Gambling Addiction Spreading to Women
April 1, 2006 -- Ten years ago, Donna Zaharevitz was a successful sales executive and an active public figure in the Hartford, Conn., suburb of Windsor Locks. She and her husband had been married for 36 years, with four children and several grandchildren. She describes them as "the Beaver Cleaver family."
But winning $27,000 from a slot machine changed all that. She got hooked on gambling, and her habit led to losses in the tens of thousands of dollars.
Shows like "Celebrity Poker" feature well-known actresses scoring big, but when former model Janet Jones, the wife of Hockey Hall of Famer Wayne Gretsky, lost tens of thousands of dollars betting on sports, it made headlines across the country.
"It was just a fun thing to do and you'd win a little bit and then lose a little bit and then all of the sudden I was going to the casino more and more," she said. "You just chase after the losses."

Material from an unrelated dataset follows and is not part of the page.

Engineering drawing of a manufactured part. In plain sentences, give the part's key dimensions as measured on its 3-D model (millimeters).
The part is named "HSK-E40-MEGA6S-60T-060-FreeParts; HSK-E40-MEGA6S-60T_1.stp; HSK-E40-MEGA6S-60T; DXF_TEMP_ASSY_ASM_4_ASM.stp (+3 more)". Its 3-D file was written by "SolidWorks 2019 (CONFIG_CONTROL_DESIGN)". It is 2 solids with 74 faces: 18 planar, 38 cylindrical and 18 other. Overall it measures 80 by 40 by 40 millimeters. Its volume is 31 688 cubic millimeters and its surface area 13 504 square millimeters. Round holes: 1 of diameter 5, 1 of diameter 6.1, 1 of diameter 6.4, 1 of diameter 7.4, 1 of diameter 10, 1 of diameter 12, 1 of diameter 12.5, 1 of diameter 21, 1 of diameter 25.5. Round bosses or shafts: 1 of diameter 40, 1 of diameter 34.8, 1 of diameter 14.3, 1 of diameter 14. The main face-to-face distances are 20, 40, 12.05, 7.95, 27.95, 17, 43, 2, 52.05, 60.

Women who gamble heavily are still a new phenomenon. But according to recent research, women are fast surpassing men as casino customers and make up a growing number of problem gamblers.

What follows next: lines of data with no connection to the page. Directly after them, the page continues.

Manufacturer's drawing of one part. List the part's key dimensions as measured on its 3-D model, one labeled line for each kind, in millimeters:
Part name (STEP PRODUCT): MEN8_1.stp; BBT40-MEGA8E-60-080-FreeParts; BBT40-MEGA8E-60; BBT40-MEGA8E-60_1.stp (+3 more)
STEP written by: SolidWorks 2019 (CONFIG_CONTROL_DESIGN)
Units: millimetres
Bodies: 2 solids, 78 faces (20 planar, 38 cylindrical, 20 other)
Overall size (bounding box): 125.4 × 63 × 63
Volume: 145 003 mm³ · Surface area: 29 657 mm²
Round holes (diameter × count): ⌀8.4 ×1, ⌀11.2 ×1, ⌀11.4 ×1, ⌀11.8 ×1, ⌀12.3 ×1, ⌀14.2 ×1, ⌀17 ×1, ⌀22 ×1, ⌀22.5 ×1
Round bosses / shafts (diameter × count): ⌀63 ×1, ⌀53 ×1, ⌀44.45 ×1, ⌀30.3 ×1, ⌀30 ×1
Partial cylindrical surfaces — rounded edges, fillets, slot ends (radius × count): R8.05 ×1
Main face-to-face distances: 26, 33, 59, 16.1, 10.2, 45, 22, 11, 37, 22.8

At one point, Zaharevitz began to steal checks from a friend she had known for 30 years. Things got so desperate that she contemplated suicide.
"Life wasn't worth living anymore," she said. "I was tired of the lies. I was tired of being deceitful. It was a pretty tough place to be."
Zaharevitz, who has now recovered from her gambling addiction, counsels other gambling addicts. Now divorced, she also works on trying to rebuild the broken relationships with her children.
"Women are by far the fastest at-risk group of problem gamblers, and it's eye-opening to me to see it's you, it's me, it's your neighbor," said Barbara Proto of the Connecticut State Lottery.
There are even gambling Web sites now that cater to women, but women don't have to go online to gamble -- they can gamble at work. This weekend's Final Four NCAA championships highlights the appetite for gambling in this country. The office pool is a spring ritual. But it's also one way a woman can get hooked on gambling.
"Office pools are a great way of entry into gambling for women," said Keith Whyte, executive director of the National Council of Problem Gambling. "So perhaps the woman at the office who enters the pool has no knowledge of gambling whatsoever winds up winning the pool and a couple of hundred dollars. That could be the start of some very unrealistic expectations about gambling."
Zaharevitz still remembers how great her $27,000 win felt.
"All these lights went off and they counted all this money out and I saw all of it going through this machine," she said. "I never, never would have thought I could have won this kind of money."
But she can also vividly recall the dark throes of addiction.
"All of the sudden you're in this dark hole and you don't know how to get out it," she said. "You don't know where to turn."